No doubt something nasty and toothy lies within.  But outside there are just a few freckly birds poking around.  A pair of horse-looking gargoyles stand half-buried in the mud at either front corner.  Used to put in a quarter in them and ride around in circles. 

Without a reason the birds scatter. 

As I step back, the windowless door opens with a sharp groan.  In the next breath there is an enormous dog looking at me. 

Porcupine quills stick out like tusks.  Two stick in the air like middle fingers. The beast’s pink eyes are scanning from the folds of its swollen face with far too much interest. 

That look on its face:  Who is out there?

Then, in half-terrified shock, I feel my blood cooling.  My skin gets covered in goose flesh from my neck to my butt—it’s Big Early.  The MP’s dog.  The creature that is going to get me home, I know.  I just do.  Maybe God tells me this, not sure.  But the thought runs as cool and silent through my mind as life-giving water.
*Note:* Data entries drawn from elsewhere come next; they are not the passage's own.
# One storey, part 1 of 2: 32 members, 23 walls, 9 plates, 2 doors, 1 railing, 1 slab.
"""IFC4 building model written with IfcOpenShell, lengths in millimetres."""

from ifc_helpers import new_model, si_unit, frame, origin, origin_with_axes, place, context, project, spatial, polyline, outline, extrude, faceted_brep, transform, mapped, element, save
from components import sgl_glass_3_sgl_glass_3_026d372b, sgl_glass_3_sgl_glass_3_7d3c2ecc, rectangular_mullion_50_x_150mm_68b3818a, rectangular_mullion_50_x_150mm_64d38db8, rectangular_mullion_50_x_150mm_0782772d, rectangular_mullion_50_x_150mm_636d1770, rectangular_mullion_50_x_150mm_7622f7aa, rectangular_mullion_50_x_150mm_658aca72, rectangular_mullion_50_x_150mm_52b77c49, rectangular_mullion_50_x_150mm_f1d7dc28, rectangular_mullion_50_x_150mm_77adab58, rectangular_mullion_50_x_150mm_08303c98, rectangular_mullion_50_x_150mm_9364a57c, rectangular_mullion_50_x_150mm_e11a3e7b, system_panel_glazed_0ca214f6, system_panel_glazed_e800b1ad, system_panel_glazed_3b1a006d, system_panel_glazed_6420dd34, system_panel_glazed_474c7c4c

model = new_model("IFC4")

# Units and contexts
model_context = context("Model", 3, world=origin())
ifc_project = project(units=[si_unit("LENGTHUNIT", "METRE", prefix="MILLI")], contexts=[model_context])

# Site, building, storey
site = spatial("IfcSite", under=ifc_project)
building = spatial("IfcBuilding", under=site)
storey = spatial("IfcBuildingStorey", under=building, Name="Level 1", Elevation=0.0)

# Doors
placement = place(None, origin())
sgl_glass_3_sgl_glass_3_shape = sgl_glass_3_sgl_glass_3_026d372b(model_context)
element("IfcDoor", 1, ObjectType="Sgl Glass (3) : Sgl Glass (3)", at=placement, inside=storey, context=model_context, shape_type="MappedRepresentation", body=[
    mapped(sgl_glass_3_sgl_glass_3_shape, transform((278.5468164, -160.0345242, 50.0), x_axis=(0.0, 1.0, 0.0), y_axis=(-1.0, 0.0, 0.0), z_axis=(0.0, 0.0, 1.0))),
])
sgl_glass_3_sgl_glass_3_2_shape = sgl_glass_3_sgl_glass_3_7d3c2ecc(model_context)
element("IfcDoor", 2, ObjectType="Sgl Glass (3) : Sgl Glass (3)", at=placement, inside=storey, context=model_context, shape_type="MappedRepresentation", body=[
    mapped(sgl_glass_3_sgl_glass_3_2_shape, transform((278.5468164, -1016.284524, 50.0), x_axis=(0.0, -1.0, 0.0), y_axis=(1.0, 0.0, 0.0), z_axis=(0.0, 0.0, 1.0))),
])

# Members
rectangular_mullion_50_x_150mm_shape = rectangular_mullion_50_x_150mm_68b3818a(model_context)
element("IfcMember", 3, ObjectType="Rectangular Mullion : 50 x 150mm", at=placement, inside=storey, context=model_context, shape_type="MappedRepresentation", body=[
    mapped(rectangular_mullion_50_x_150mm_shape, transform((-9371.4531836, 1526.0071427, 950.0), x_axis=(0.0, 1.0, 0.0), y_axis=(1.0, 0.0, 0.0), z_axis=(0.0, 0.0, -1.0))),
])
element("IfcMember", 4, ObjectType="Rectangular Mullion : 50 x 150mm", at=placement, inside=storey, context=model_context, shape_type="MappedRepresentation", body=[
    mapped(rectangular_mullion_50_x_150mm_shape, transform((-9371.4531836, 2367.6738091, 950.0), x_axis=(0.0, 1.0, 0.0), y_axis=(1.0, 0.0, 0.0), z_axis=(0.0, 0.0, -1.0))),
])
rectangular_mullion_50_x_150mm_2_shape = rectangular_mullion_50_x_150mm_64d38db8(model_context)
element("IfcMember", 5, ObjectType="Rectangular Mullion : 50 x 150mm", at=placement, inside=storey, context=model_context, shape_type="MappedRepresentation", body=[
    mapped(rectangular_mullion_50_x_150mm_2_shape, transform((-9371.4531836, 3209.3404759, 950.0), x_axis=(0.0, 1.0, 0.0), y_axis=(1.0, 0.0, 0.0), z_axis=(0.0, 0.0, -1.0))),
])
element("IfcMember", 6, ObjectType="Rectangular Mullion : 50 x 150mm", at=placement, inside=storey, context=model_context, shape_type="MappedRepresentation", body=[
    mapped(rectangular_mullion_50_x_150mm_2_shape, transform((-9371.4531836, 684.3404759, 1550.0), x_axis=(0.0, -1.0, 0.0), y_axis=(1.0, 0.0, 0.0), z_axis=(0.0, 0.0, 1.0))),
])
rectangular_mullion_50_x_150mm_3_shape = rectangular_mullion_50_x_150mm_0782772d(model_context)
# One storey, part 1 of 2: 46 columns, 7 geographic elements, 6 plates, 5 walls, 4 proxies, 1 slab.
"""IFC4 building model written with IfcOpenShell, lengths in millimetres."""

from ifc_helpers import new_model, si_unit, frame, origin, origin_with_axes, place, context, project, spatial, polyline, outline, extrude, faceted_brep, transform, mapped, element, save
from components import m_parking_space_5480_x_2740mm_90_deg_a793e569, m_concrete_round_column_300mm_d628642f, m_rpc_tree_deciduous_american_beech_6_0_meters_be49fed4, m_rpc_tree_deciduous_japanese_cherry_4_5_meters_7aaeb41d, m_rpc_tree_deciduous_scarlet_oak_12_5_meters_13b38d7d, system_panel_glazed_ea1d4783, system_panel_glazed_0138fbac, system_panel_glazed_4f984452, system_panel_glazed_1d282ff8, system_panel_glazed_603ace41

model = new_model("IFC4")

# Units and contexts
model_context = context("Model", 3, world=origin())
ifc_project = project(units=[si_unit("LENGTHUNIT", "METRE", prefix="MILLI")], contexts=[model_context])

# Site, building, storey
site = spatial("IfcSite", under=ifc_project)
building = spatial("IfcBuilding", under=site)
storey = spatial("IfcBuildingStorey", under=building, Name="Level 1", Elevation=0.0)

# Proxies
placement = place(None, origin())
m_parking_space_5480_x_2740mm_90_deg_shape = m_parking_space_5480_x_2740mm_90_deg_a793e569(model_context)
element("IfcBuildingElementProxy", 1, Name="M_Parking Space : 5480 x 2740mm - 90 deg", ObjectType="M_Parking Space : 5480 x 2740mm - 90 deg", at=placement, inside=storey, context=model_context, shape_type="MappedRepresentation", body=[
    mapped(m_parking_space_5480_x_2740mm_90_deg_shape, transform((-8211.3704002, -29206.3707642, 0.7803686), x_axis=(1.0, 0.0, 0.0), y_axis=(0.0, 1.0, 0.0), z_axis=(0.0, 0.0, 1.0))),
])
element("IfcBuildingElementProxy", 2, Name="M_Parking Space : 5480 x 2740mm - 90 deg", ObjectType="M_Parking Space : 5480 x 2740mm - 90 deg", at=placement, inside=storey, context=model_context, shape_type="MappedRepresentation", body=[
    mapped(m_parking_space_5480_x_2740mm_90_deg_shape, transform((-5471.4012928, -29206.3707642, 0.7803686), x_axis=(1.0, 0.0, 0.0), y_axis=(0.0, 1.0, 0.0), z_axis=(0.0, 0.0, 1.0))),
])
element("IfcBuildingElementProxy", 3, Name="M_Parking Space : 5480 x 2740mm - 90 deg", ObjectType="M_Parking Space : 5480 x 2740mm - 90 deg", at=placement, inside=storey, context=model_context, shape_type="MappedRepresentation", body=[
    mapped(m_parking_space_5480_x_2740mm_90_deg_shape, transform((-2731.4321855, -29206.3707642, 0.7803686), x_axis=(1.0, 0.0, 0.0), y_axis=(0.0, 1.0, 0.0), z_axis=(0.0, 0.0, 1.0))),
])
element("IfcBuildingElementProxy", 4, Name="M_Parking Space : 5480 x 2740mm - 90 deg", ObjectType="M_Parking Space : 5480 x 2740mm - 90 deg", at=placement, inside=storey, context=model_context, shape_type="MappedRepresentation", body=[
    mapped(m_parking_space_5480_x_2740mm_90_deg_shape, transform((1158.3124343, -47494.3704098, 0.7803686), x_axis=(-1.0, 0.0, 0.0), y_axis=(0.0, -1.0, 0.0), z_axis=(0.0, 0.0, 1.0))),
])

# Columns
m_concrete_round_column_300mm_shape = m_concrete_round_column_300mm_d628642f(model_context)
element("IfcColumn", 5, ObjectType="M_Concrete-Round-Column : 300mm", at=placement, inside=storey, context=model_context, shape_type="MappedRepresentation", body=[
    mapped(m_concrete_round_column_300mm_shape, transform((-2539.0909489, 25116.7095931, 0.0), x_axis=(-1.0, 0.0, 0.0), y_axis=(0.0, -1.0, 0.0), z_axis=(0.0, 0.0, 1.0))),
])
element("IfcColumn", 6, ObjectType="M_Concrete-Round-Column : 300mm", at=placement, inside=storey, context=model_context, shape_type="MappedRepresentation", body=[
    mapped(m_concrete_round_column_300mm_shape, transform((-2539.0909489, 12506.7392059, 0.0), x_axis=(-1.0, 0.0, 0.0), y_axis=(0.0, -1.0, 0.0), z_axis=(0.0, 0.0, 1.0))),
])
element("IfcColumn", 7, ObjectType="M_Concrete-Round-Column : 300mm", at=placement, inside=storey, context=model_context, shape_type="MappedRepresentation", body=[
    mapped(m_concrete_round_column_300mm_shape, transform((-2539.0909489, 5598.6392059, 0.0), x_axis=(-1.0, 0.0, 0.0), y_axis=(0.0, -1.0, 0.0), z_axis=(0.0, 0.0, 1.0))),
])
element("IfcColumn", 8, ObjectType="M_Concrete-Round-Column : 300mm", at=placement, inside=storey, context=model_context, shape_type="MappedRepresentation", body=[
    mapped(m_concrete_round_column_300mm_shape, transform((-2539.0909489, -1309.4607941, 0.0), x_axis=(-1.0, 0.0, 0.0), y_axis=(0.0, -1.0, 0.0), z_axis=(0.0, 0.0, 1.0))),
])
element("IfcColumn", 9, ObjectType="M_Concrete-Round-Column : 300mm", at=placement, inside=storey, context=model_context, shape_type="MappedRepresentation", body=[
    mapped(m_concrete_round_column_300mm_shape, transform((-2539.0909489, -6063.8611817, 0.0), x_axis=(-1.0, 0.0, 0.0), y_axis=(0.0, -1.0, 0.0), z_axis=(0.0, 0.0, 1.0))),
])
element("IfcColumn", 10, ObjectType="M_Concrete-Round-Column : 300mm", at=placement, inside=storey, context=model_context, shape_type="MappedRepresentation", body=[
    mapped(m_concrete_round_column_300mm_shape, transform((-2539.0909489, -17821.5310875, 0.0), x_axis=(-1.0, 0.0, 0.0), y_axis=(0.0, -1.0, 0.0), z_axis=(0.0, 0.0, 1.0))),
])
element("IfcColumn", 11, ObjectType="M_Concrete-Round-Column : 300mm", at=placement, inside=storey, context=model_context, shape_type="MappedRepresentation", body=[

He’s staring at me from within the store.

A whimper.

The dog approaches.  How did he live.  How did he get here.  Before I can freak the fuck out, that raggedy looking thing is coming, sniffing the air as if to make sure I am real.  Like
I’m
the weird thing in all this.  He’s licking the air like a snake now.  The laughter noise seems to move all around me, like a whispering insect.

What the fuck is this?

It’s me laughing.

He is three feet outside, maybe forty feet in front of me, silent as a nightmare when he halts.  Looks at me. 

“Do you know how crazy it is you’re alive, dog?”

That dog better not answer.

“Do you!”

I shake my head, better now that he is real.  It just is.  I cock an eye, but add nothing by way of justifying, even though he keeps looking at me as if demanding some reply.

“Come here, boy.  Let me get that shit out of your face.”